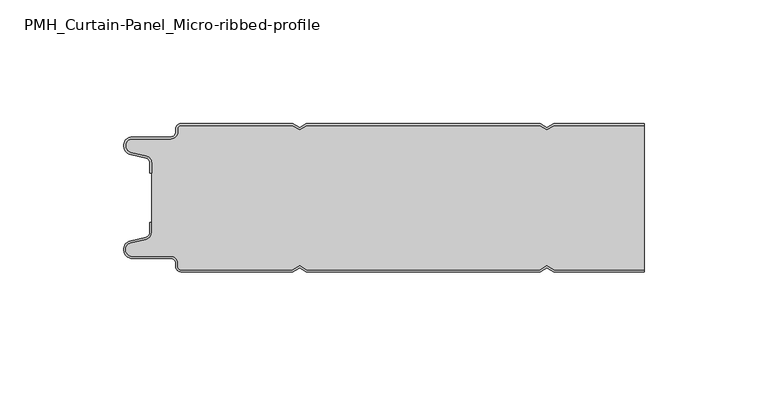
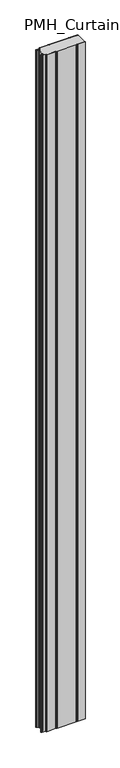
"""IFC4 building model written with IfcOpenShell, lengths in millimetres: plate geometry, PMH_Curtain-Panel_Micro-ribbed-profile : ACH_PMH_Stone-wool-Panel_60M."""

import ifcopenshell
import ifcopenshell.guid

model = None  # the IFC model being written
_history = None  # IfcOwnerHistory: only IFC2X3 demands one
_inside = {}  # id of a spatial element -> (the spatial element, [elements in it])
_under = {}  # id of a project, library or spatial element -> (it, [spatial elements below it])
_declared = {}  # id of a project -> (the project, [libraries it declares])
_typed = {}  # id of a type object -> (the type object, [elements of that type])
_made_of = {}  # id of a material, layer set ... -> (it, [elements and type objects made of it])


def new_model(schema):
    """Start an empty IFC model of exactly this schema.

    Asked for "IFC4X3", IfcOpenShell would pick the latest addendum, in which some entities
    have other attributes; the version numbers below select the first issue.
    IFC2X3 requires an IfcOwnerHistory on every rooted entity: one is made here for all.
    """
    global model, _history
    if schema == "IFC4X3":
        model = ifcopenshell.file(schema_version=(4, 3, 0, 0))
    else:
        model = ifcopenshell.file(schema=schema)
    _inside.clear()
    _under.clear()
    _declared.clear()
    _typed.clear()
    _made_of.clear()
    _history = None
    if model.schema == "IFC2X3":
        org = make("IfcOrganization", Name="unknown")
        user = make(
            "IfcPersonAndOrganization",
            ThePerson=make("IfcPerson", FamilyName="unknown"),
            TheOrganization=org,
        )
        app = make(
            "IfcApplication",
            ApplicationDeveloper=org,
            Version="unknown",
            ApplicationFullName="unknown",
            ApplicationIdentifier="unknown",
        )
        _history = make(
            "IfcOwnerHistory",
            OwningUser=user,
            OwningApplication=app,
            ChangeAction="ADDED",
            CreationDate=0,
        )
    return model


def make(cls, **values):
    """One entity of the class cls with the attributes given. An attribute that is None is left unset."""
    return model.create_entity(
        cls, **{name: value for name, value in values.items() if value is not None}
    )


def rooted(cls, **values):
    """An entity with a GlobalId (a new one), such as an element, a storey or a relation."""
    return make(cls, GlobalId=ifcopenshell.guid.new(), OwnerHistory=_history, **values)


def si_unit(unit_type, name, prefix=None):
    """IfcSIUnit, for example si_unit("LENGTHUNIT", "METRE", prefix="MILLI")."""
    return make("IfcSIUnit", UnitType=unit_type, Prefix=prefix, Name=name)


def assignment(units):
    """IfcUnitAssignment: the units of a project."""
    return None if units is None else make("IfcUnitAssignment", Units=units)


def point(xyz):
    """IfcCartesianPoint."""
    return None if xyz is None else make("IfcCartesianPoint", Coordinates=xyz)


def direction(xyz):
    """IfcDirection."""
    return None if xyz is None else make("IfcDirection", DirectionRatios=xyz)


def frame(location, z_axis=None, x_axis=None):
    """IfcAxis2Placement3D, a coordinate frame: its origin and axes. An axis left out is left unset."""
    return make(
        "IfcAxis2Placement3D",
        Location=point(location),
        Axis=direction(z_axis),
        RefDirection=direction(x_axis),
    )


def frame_2d(location, x_axis=None):
    """IfcAxis2Placement2D, a coordinate frame in the plane: its origin and x axis."""
    return make(
        "IfcAxis2Placement2D", Location=point(location), RefDirection=direction(x_axis)
    )


def origin():
    """The frame at (0, 0, 0) with its axes left unset."""
    return frame((0.0, 0.0, 0.0))


def origin_with_axes():
    """The frame at (0, 0, 0) with the z axis (0, 0, 1) and the x axis (1, 0, 0) written out."""
    return frame((0.0, 0.0, 0.0), z_axis=(0.0, 0.0, 1.0), x_axis=(1.0, 0.0, 0.0))


def place(relative_to, where):
    """IfcLocalPlacement: puts the frame where relative to a parent placement (None: the world)."""
    return make(
        "IfcLocalPlacement", PlacementRelTo=relative_to, RelativePlacement=where
    )


def context(
    kind, dimensions, precision=None, world=None, true_north=None, identifier=None
):
    """IfcGeometricRepresentationContext, for example the 3D "Model" context."""
    return make(
        "IfcGeometricRepresentationContext",
        ContextIdentifier=identifier,
        ContextType=kind,
        CoordinateSpaceDimension=dimensions,
        Precision=precision,
        WorldCoordinateSystem=world,
        TrueNorth=true_north,
    )


def project(units=None, contexts=None):
    """IfcProject with its units and contexts."""
    return rooted(
        "IfcProject",
        Name="project",
        RepresentationContexts=contexts,
        UnitsInContext=assignment(units),
    )


def spatial(cls, under=None, at=None, **own):
    """A site, building, storey or space (cls), placed at a placement, below another one or the project."""
    s = rooted(cls, ObjectPlacement=at, **own)
    if under is not None:
        _under.setdefault(under.id(), (under, []))[1].append(s)
    return s


def polyline(points):
    """IfcPolyline through the points."""
    return make("IfcPolyline", Points=[point(p) for p in points])


def circle_curve(where, radius):
    """IfcCircle in the frame where."""
    return make("IfcCircle", Position=where, Radius=radius)


def trimmed(basis, trim1, trim2, sense, master):
    """IfcTrimmedCurve: the piece of a basis curve between two trims."""
    return make(
        "IfcTrimmedCurve",
        BasisCurve=basis,
        Trim1=trim1,
        Trim2=trim2,
        SenseAgreement=sense,
        MasterRepresentation=master,
    )


def segment(curve, same_sense, transition):
    """IfcCompositeCurveSegment."""
    return make(
        "IfcCompositeCurveSegment",
        Transition=transition,
        SameSense=same_sense,
        ParentCurve=curve,
    )


def composite_curve(segments, self_intersect=None):
    """IfcCompositeCurve: segments joined end to end."""
    return make("IfcCompositeCurve", Segments=segments, SelfIntersect=self_intersect)


def outline(outer, holes=None, kind="AREA"):
    """IfcArbitraryClosedProfileDef: a profile drawn as a closed curve; with holes, ...WithVoids."""
    if holes is None:
        return make("IfcArbitraryClosedProfileDef", ProfileType=kind, OuterCurve=outer)
    return make(
        "IfcArbitraryProfileDefWithVoids",
        ProfileType=kind,
        OuterCurve=outer,
        InnerCurves=holes,
    )


def extrude(swept, where, along, depth):
    """IfcExtrudedAreaSolid: the profile swept, set in the frame where, extruded along a direction by depth."""
    return make(
        "IfcExtrudedAreaSolid",
        SweptArea=swept,
        Position=where,
        ExtrudedDirection=direction(along),
        Depth=depth,
    )


def shape(context_of_items, identifier, shape_type, items):
    """IfcShapeRepresentation: the items that make up one representation, for example the "Body"."""
    return make(
        "IfcShapeRepresentation",
        ContextOfItems=context_of_items,
        RepresentationIdentifier=identifier,
        RepresentationType=shape_type,
        Items=items,
    )


def source(mapping_origin, context_of_items, identifier, shape_type, items):
    """IfcRepresentationMap: a shape defined once, which mapped items show again and again."""
    return make(
        "IfcRepresentationMap",
        MappingOrigin=mapping_origin,
        MappedRepresentation=shape(context_of_items, identifier, shape_type, items),
    )


def transform(
    local_origin,
    x_axis=None,
    y_axis=None,
    z_axis=None,
    scale=None,
    scale2=None,
    scale3=None,
    uniform=True,
):
    """IfcCartesianTransformationOperator3D, or its non-uniform kind. x_axis, y_axis, z_axis: its Axis1, 2, 3."""
    if uniform:
        return make(
            "IfcCartesianTransformationOperator3D",
            Axis1=direction(x_axis),
            Axis2=direction(y_axis),
            LocalOrigin=point(local_origin),
            Scale=scale,
            Axis3=direction(z_axis),
        )
    return make(
        "IfcCartesianTransformationOperator3DnonUniform",
        Axis1=direction(x_axis),
        Axis2=direction(y_axis),
        LocalOrigin=point(local_origin),
        Scale=scale,
        Axis3=direction(z_axis),
        Scale2=scale2,
        Scale3=scale3,
    )


def mapped(mapping_source, mapping_target):
    """IfcMappedItem: shows the shape of a source again, moved by a transform."""
    return make(
        "IfcMappedItem", MappingSource=mapping_source, MappingTarget=mapping_target
    )


def made_of(thing, what):
    """Note that an element or type object is made of a material, layer set ...; save() writes the relation."""
    if what is not None:
        _made_of.setdefault(what.id(), (what, []))[1].append(thing)
    return thing


def element(
    cls,
    number,
    at=None,
    inside=None,
    cuts=None,
    type_object=None,
    material=None,
    context=None,
    identifier="Body",
    shape_type=None,
    held_by="IfcProductDefinitionShape",
    body=None,
    shapes=None,
    **own,
):
    """One element of the class cls, such as IfcWall. Its Tag is "e" and its number.

    at: its placement. inside: the storey or other place that contains it. cuts: it is an
    opening in that element (IfcRelVoidsElement). A single representation is given by context,
    identifier, shape_type and body (its items); several are given by shapes. held_by: the class
    of the entity that holds the representations. save() writes the other relations.
    """
    e = rooted(cls, Tag="e%d" % number, ObjectPlacement=at, **own)
    if body is not None:
        shapes = [shape(context, identifier, shape_type, body)]
    if shapes is not None:
        e.Representation = make(held_by, Representations=shapes)
    if inside is not None:
        _inside.setdefault(inside.id(), (inside, []))[1].append(e)
    if cuts is not None:
        rooted(
            "IfcRelVoidsElement", RelatingBuildingElement=cuts, RelatedOpeningElement=e
        )
    if type_object is not None:
        _typed.setdefault(type_object.id(), (type_object, []))[1].append(e)
    return made_of(e, material)


def aggregate(whole, parts):
    """IfcRelAggregates: a whole, such as a stair, and the parts it consists of."""
    return rooted("IfcRelAggregates", RelatingObject=whole, RelatedObjects=parts)


def save(model, path):
    """Write the relations noted so far, then the file.

    IfcRelAggregates (storeys below a building ...), IfcRelContainedInSpatialStructure (elements
    in a storey), IfcRelDefinesByType, IfcRelAssociatesMaterial and IfcRelDeclares: one each for
    every whole, place, type object, material and project.
    """
    for whole, parts in _under.values():
        aggregate(whole, parts)
    for where, things in _inside.values():
        rooted(
            "IfcRelContainedInSpatialStructure",
            RelatedElements=things,
            RelatingStructure=where,
        )
    for kind, things in _typed.values():
        rooted("IfcRelDefinesByType", RelatedObjects=things, RelatingType=kind)
    for what, things in _made_of.values():
        rooted("IfcRelAssociatesMaterial", RelatedObjects=things, RelatingMaterial=what)
    for by, libraries in _declared.values():
        rooted("IfcRelDeclares", RelatingContext=by, RelatedDefinitions=libraries)
    model.write(path)


def pmh_curtain_panel_micro_ribbed_profile_d62956a7(model_context):
    return source(origin(), model_context, "Body", "SweptSolid", [
        extrude(outline(composite_curve([segment(trimmed(circle_curve(frame_2d((-102.0, -15.878557)), 2.0), [point((-100.0, -15.878557))], [point((-101.5500978, -13.9298169))], True, "CARTESIAN"), True, "CONTINUOUS"), segment(polyline([(-101.5500978, -13.9298169), (-107.7098239, -12.507732)]), True, "CONTINUOUS"), segment(trimmed(circle_curve(frame_2d((-106.9, -9.0)), 3.6), [point((-107.7098239, -12.507732))], [point((-106.9, -5.4))], False, "CARTESIAN"), True, "CONTINUOUS"), segment(polyline([(-106.9, -5.4), (-91.4, -5.4)]), True, "CONTINUOUS"), segment(trimmed(circle_curve(frame_2d((-91.4, -3.4)), 2.0), [point((-91.4, -5.4))], [point((-89.4, -3.4))], True, "CARTESIAN"), True, "CONTINUOUS"), segment(polyline([(-89.4, -3.4), (-89.4, -2.0)]), True, "CONTINUOUS"), segment(trimmed(circle_curve(frame_2d((-87.4, -2.0)), 2.0), [point((-89.4, -2.0))], [point((-87.4, 0.0))], False, "CARTESIAN"), True, "CONTINUOUS"), segment(polyline([(-87.4, 0.0), (-42.0999995, 0.0), (-39.4, -1.5588455), (-36.7000005, 0.0), (57.9000005, 0.0), (60.6, -1.5588455), (63.2999995, 0.0), (100.0, 0.0), (100.0, -0.8), (63.5143588, -0.8), (60.6, -2.482606), (57.6856412, -0.8), (-36.4856412, -0.8), (-39.4, -2.482606), (-42.3143588, -0.8), (-87.4, -0.8)]), True, "CONTINUOUS"), segment(trimmed(circle_curve(frame_2d((-87.4, -2.0)), 1.2), [point((-87.4, -0.8))], [point((-88.6, -2.0))], True, "CARTESIAN"), True, "CONTINUOUS"), segment(polyline([(-88.6, -2.0), (-88.6, -3.4)]), True, "CONTINUOUS"), segment(trimmed(circle_curve(frame_2d((-91.4, -3.4)), 2.8), [point((-88.6, -3.4))], [point((-91.4, -6.2))], False, "CARTESIAN"), True, "CONTINUOUS"), segment(polyline([(-91.4, -6.2), (-106.9, -6.2)]), True, "CONTINUOUS"), segment(trimmed(circle_curve(frame_2d((-106.9, -9.0)), 2.8), [point((-106.9, -6.2))], [point((-107.529863, -11.7282362))], True, "CARTESIAN"), True, "CONTINUOUS"), segment(polyline([(-107.529863, -11.7282362), (-101.370137, -13.150321)]), True, "CONTINUOUS"), segment(trimmed(circle_curve(frame_2d((-102.0, -15.878557)), 2.8), [point((-101.370137, -13.150321))], [point((-99.2, -15.878557))], False, "CARTESIAN"), True, "CONTINUOUS"), segment(polyline([(-99.2, -15.878557), (-99.2, -20.0), (-100.0, -20.0), (-100.0, -15.878557)]), True, "CONTINUOUS")], self_intersect=False)), origin_with_axes(), (0.0, 0.0, 1.0), 3500.0),
        extrude(outline(composite_curve([segment(polyline([(-99.2, -44.1214426), (-99.2, -15.8785573)]), True, "CONTINUOUS"), segment(trimmed(circle_curve(frame_2d((-102.0, -15.8785573)), 2.8), [point((-99.2, -15.8785573))], [point((-101.370137, -13.1503212))], True, "CARTESIAN"), True, "CONTINUOUS"), segment(polyline([(-101.370137, -13.1503212), (-107.5298631, -11.7282362)]), True, "CONTINUOUS"), segment(trimmed(circle_curve(frame_2d((-106.9, -9.0)), 2.8), [point((-107.5298631, -11.7282362))], [point((-106.9, -6.2))], False, "CARTESIAN"), True, "CONTINUOUS"), segment(polyline([(-106.9, -6.2), (-91.4000001, -6.2)]), True, "CONTINUOUS"), segment(trimmed(circle_curve(frame_2d((-91.4000001, -3.4)), 2.8), [point((-91.4000001, -6.2))], [point((-88.6000001, -3.4))], True, "CARTESIAN"), True, "CONTINUOUS"), segment(polyline([(-88.6000001, -3.4), (-88.6000001, -2.0)]), True, "CONTINUOUS"), segment(trimmed(circle_curve(frame_2d((-87.4000001, -2.0)), 1.2), [point((-88.6000001, -2.0))], [point((-87.4000001, -0.8))], False, "CARTESIAN"), True, "CONTINUOUS"), segment(polyline([(-87.4000001, -0.8), (-42.3143589, -0.8), (-39.4000001, -2.482606), (-36.4856412, -0.8), (57.6856411, -0.8), (60.5999999, -2.482606), (63.5143588, -0.8), (100.0, -0.8), (100.0, -59.2), (63.5143588, -59.2), (60.5999999, -57.517394), (57.6856411, -59.2), (-36.4856412, -59.2), (-39.4000001, -57.517394), (-42.3143589, -59.2), (-87.4000001, -59.2)]), True, "CONTINUOUS"), segment(trimmed(circle_curve(frame_2d((-87.4000001, -58.0)), 1.2), [point((-87.4000001, -59.2))], [point((-88.6000001, -58.0))], False, "CARTESIAN"), True, "CONTINUOUS"), segment(polyline([(-88.6000001, -58.0), (-88.6000001, -56.6)]), True, "CONTINUOUS"), segment(trimmed(circle_curve(frame_2d((-91.4000001, -56.6)), 2.8), [point((-88.6000001, -56.6))], [point((-91.4000001, -53.8))], True, "CARTESIAN"), True, "CONTINUOUS"), segment(polyline([(-91.4000001, -53.8), (-106.9, -53.8)]), True, "CONTINUOUS"), segment(trimmed(circle_curve(frame_2d((-106.9, -51.0)), 2.8), [point((-106.9, -53.8))], [point((-107.5298631, -48.2717638))], False, "CARTESIAN"), True, "CONTINUOUS"), segment(polyline([(-107.5298631, -48.2717638), (-101.370137, -46.8496788)]), True, "CONTINUOUS"), segment(trimmed(circle_curve(frame_2d((-102.0, -44.1214426)), 2.8), [point((-101.370137, -46.8496788))], [point((-99.2, -44.1214426))], True, "CARTESIAN"), True, "CONTINUOUS")], self_intersect=False)), origin_with_axes(), (0.0, 0.0, 1.0), 3500.0),
        extrude(outline(composite_curve([segment(polyline([(-100.0, -44.121443), (-100.0, -40.0), (-99.2, -40.0), (-99.2, -44.121443)]), True, "CONTINUOUS"), segment(trimmed(circle_curve(frame_2d((-102.0, -44.121443)), 2.8), [point((-99.2, -44.121443))], [point((-101.370137, -46.8496792))], False, "CARTESIAN"), True, "CONTINUOUS"), segment(polyline([(-101.370137, -46.8496792), (-107.529863, -48.271764)]), True, "CONTINUOUS"), segment(trimmed(circle_curve(frame_2d((-106.9, -51.0)), 2.8), [point((-107.529863, -48.271764))], [point((-106.9, -53.8))], True, "CARTESIAN"), True, "CONTINUOUS"), segment(polyline([(-106.9, -53.8), (-91.4, -53.8)]), True, "CONTINUOUS"), segment(trimmed(circle_curve(frame_2d((-91.4, -56.6)), 2.8), [point((-91.4, -53.8))], [point((-88.6, -56.6))], False, "CARTESIAN"), True, "CONTINUOUS"), segment(polyline([(-88.6, -56.6), (-88.6, -58.0)]), True, "CONTINUOUS"), segment(trimmed(circle_curve(frame_2d((-87.4, -58.0)), 1.2), [point((-88.6, -58.0))], [point((-87.4, -59.2))], True, "CARTESIAN"), True, "CONTINUOUS"), segment(polyline([(-87.4, -59.2), (-42.3143588, -59.2), (-39.4, -57.517394), (-36.4856412, -59.2), (57.6856412, -59.2), (60.6, -57.517394), (63.5143588, -59.2), (100.0, -59.2), (100.0, -60.0), (63.2999995, -60.0), (60.6, -58.4411545), (57.9000005, -60.0), (-36.7000005, -60.0), (-39.4, -58.4411545), (-42.0999995, -60.0), (-87.4, -60.0)]), True, "CONTINUOUS"), segment(trimmed(circle_curve(frame_2d((-87.4, -58.0)), 2.0), [point((-87.4, -60.0))], [point((-89.4, -58.0))], False, "CARTESIAN"), True, "CONTINUOUS"), segment(polyline([(-89.4, -58.0), (-89.4, -56.6)]), True, "CONTINUOUS"), segment(trimmed(circle_curve(frame_2d((-91.4, -56.6)), 2.0), [point((-89.4, -56.6))], [point((-91.4, -54.6))], True, "CARTESIAN"), True, "CONTINUOUS"), segment(polyline([(-91.4, -54.6), (-106.9, -54.6)]), True, "CONTINUOUS"), segment(trimmed(circle_curve(frame_2d((-106.9, -51.0)), 3.6), [point((-106.9, -54.6))], [point((-107.7098239, -47.4922678))], False, "CARTESIAN"), True, "CONTINUOUS"), segment(polyline([(-107.7098239, -47.4922678), (-101.5500979, -46.070183)]), True, "CONTINUOUS"), segment(trimmed(circle_curve(frame_2d((-102.0, -44.121443)), 2.0), [point((-101.5500979, -46.070183))], [point((-100.0, -44.121443))], True, "CARTESIAN"), True, "CONTINUOUS")], self_intersect=False)), origin_with_axes(), (0.0, 0.0, 1.0), 3500.0),
    ])


if __name__ == "__main__":
    model = new_model("IFC4")
    model_context = context("Model", 3, world=origin())
    ifc_project = project(units=[si_unit("LENGTHUNIT", "METRE", prefix="MILLI")], contexts=[model_context])
    site = spatial("IfcSite", under=ifc_project)
    building = spatial("IfcBuilding", under=site)
    placement = place(None, origin())
    pmh_curtain_panel_micro_ribbed_profile_shape = pmh_curtain_panel_micro_ribbed_profile_d62956a7(model_context)
    element("IfcPlate", 1, ObjectType="PMH_Curtain-Panel_Micro-ribbed-profile : ACH_PMH_Stone-wool-Panel_60M", at=placement, inside=building, context=model_context, shape_type="MappedRepresentation", body=[
        mapped(pmh_curtain_panel_micro_ribbed_profile_shape, transform((0.0, 0.0, 0.0), x_axis=(1.0, 0.0, 0.0), y_axis=(0.0, 1.0, 0.0), z_axis=(0.0, 0.0, 1.0))),
    ])
    save(model, "model.ifc")

************

● Exercise goal:
Determine, please, how many lines hold "IfcTrimmedCurve" in the records, and give that number by itself.

● Response for this exercise:
2